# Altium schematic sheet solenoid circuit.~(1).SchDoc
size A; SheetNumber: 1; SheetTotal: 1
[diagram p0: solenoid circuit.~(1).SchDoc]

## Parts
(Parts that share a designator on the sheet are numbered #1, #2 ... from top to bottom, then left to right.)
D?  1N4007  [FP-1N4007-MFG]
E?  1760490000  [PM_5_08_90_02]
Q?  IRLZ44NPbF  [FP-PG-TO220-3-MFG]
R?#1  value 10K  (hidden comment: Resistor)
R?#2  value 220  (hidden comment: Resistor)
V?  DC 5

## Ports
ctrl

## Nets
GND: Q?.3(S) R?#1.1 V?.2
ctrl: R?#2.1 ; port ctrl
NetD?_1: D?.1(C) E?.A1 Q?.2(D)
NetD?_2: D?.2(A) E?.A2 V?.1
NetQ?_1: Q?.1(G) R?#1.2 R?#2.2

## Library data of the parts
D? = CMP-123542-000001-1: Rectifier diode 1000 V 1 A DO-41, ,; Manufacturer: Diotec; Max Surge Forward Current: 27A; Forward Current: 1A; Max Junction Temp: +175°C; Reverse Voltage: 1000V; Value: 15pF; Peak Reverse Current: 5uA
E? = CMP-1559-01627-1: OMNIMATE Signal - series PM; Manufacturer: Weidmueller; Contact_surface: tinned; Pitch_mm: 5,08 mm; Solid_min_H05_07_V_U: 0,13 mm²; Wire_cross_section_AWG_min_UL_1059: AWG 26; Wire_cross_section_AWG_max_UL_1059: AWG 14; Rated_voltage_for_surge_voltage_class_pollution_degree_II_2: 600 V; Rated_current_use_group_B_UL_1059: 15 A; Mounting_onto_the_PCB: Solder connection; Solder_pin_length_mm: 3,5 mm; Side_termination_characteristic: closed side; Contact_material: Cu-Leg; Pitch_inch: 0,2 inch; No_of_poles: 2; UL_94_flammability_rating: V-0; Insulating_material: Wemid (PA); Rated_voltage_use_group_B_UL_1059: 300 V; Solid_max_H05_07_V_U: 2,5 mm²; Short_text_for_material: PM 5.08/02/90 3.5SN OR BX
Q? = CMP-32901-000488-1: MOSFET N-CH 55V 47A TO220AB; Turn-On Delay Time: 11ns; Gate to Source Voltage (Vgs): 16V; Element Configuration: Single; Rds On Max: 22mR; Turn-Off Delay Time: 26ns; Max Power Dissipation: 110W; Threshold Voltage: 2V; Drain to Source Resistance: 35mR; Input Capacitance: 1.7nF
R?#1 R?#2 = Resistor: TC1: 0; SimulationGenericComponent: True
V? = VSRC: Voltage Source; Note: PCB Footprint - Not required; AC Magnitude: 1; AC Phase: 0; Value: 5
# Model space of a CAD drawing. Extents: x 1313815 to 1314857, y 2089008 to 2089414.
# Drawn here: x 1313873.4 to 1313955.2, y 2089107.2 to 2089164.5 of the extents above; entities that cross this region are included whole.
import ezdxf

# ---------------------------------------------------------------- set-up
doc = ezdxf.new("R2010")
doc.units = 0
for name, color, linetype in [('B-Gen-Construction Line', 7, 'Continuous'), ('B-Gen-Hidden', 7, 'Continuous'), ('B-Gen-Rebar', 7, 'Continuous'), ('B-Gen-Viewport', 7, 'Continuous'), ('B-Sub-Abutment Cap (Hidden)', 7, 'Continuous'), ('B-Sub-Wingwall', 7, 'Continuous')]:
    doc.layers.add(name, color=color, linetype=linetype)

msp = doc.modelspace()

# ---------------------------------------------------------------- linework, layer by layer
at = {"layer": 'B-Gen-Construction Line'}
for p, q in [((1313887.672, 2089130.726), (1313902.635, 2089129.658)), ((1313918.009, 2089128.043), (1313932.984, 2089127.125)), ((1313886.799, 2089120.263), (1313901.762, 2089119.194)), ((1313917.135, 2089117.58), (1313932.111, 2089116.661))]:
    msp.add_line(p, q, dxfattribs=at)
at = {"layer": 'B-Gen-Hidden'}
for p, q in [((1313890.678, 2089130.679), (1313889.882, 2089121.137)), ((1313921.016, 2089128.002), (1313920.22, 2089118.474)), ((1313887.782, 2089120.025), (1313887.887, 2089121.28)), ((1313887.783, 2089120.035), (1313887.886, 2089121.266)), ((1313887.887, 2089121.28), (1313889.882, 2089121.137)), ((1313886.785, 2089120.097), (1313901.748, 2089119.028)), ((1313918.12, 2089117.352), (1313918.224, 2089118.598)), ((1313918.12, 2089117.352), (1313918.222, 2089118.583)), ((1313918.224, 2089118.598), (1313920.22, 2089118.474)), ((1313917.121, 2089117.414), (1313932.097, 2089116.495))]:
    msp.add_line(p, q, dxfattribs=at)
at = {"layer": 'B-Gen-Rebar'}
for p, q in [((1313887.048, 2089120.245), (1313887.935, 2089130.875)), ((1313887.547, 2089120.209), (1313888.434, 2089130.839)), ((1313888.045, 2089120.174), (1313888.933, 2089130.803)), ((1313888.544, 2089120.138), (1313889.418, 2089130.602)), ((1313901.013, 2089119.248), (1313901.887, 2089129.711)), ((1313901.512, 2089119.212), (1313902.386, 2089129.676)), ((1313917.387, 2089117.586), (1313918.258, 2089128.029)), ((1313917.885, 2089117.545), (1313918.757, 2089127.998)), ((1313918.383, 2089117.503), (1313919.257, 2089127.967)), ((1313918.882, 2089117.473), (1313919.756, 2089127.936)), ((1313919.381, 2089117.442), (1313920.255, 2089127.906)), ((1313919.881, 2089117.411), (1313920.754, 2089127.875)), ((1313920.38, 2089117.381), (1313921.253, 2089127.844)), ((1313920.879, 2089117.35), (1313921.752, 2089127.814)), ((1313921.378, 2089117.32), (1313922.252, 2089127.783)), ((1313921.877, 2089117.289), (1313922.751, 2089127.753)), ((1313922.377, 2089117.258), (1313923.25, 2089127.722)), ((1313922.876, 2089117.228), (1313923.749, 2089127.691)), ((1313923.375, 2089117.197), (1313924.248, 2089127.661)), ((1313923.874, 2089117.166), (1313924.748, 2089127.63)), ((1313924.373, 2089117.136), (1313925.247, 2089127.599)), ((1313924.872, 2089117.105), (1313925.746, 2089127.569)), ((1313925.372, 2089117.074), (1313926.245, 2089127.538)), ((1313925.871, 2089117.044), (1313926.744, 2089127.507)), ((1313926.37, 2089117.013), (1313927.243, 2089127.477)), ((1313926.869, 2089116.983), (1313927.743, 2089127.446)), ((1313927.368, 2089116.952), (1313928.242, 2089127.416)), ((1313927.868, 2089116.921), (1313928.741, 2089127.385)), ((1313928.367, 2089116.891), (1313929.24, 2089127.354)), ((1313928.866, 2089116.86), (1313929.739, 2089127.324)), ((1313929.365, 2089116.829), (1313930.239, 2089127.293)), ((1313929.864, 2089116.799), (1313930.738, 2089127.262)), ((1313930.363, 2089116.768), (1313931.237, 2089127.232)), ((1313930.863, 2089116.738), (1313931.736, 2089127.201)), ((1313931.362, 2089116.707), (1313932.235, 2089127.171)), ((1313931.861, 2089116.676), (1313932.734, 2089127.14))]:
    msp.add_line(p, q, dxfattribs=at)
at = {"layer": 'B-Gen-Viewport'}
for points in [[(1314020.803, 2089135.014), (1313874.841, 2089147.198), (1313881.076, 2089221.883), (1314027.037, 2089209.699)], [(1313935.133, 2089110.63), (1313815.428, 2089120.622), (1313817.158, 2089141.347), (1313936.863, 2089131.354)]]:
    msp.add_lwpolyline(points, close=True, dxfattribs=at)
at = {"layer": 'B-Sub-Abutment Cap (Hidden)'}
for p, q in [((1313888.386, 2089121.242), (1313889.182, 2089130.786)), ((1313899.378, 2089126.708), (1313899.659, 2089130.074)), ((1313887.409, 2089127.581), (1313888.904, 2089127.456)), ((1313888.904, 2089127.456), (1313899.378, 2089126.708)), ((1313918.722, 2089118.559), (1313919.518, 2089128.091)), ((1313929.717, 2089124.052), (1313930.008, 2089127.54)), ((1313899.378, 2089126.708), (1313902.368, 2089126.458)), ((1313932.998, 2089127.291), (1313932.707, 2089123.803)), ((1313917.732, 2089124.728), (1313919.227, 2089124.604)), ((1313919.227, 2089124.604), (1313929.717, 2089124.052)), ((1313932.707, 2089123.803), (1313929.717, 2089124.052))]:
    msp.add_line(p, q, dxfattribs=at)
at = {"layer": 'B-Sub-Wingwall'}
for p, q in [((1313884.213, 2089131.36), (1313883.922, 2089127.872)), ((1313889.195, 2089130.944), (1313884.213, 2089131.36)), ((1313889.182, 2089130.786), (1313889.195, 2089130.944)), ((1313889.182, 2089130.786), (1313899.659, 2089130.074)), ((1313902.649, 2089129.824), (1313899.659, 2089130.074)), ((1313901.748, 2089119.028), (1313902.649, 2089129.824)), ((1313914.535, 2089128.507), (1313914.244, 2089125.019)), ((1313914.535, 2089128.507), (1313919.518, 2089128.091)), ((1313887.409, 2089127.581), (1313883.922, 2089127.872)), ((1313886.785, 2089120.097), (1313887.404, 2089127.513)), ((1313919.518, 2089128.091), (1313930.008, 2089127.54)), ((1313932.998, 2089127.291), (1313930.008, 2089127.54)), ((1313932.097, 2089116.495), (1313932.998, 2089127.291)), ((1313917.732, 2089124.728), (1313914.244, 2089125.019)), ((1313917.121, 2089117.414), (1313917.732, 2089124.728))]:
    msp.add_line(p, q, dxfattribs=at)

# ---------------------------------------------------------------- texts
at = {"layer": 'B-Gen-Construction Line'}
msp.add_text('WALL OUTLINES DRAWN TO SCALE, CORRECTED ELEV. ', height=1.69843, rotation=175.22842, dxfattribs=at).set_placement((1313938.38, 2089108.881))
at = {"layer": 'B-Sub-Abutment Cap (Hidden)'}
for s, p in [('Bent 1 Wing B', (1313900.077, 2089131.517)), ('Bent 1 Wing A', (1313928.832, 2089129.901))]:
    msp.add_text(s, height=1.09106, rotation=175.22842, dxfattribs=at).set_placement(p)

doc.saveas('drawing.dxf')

» DIRECTIONS FOR THIS TASK
In the material above, how many lines contain "Resistor"? Reply with only the number.

» YOUR SOLUTION
3